Q1: What's the difference between approach #1 and #2?

#1 has less overhead. That is the only difference.

Q2: What is the right way to, in the ASP.NET world, run a method (in this example, LongWork() containing some async/await pairs in a background thread?

None of the options you provided. For one thing, they all use Task.Factory.StartNew without specifying a TaskScheduler, which is dangerous (as I describe on my blog). They should use Task.Run instead. However, even if you use Task.Run, you will run into a more serious underlying problem.

The underlying problem is this: the HTTP protocol is centered around each request having exactly one matching response. When an HTTP server (such as ASP.NET) knows that there are no outstanding requests, it will make assumptions like "it's safe to recycle the worker process".

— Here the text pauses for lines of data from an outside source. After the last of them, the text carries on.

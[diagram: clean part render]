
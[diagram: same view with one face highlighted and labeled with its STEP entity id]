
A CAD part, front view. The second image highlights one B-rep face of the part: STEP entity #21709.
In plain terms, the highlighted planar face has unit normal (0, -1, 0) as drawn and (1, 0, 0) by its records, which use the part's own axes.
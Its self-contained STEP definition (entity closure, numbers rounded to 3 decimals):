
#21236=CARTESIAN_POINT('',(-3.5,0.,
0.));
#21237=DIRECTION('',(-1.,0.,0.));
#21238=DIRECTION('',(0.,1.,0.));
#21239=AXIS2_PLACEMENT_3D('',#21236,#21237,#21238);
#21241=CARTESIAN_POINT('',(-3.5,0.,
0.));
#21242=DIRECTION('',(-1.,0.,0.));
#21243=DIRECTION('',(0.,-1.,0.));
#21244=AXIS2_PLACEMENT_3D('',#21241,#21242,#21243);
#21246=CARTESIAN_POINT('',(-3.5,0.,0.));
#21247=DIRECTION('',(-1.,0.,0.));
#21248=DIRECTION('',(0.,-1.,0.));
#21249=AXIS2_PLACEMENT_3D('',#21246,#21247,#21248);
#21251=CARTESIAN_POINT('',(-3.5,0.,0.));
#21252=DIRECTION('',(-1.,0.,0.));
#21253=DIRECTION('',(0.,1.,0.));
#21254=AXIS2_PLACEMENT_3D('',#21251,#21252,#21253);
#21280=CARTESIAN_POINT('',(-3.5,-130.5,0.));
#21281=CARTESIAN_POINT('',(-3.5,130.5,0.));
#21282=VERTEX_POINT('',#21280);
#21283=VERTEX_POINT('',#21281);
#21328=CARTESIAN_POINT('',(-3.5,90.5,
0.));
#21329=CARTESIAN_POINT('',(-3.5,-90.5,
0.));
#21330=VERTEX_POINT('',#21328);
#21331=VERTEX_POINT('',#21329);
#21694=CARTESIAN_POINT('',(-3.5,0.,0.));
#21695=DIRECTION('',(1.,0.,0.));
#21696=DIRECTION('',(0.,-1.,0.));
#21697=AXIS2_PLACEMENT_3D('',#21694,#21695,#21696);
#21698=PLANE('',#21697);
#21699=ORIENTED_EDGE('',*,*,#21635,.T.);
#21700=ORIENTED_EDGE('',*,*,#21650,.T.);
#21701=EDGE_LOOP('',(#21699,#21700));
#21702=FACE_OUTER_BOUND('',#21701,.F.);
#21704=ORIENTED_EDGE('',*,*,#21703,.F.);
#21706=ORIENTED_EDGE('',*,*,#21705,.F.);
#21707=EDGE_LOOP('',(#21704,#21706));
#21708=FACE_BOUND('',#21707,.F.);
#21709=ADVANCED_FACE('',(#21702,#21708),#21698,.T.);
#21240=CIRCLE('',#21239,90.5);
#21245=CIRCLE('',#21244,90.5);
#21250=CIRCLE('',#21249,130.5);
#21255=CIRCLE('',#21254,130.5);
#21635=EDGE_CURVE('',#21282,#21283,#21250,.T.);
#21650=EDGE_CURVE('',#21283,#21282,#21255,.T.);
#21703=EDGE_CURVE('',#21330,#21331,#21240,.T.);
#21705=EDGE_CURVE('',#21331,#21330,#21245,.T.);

I describe this problem in more detail on my blog. Also in that blog post is a type BackgroundTaskManager that registers background tasks with the ASP.NET runtime and (correctly) executes them via Task.Run. You should only use BackgroundTaskManager if you read the blog post and understand and accept that this is still dangerous and unsafe.

A far better (read: more reliable) solution is to first write out a representation of the work to be done to persistent storage (e.g., an Azure queue) and have an independent backend process (e.g., an Azure worker role) that processes requests from the queue.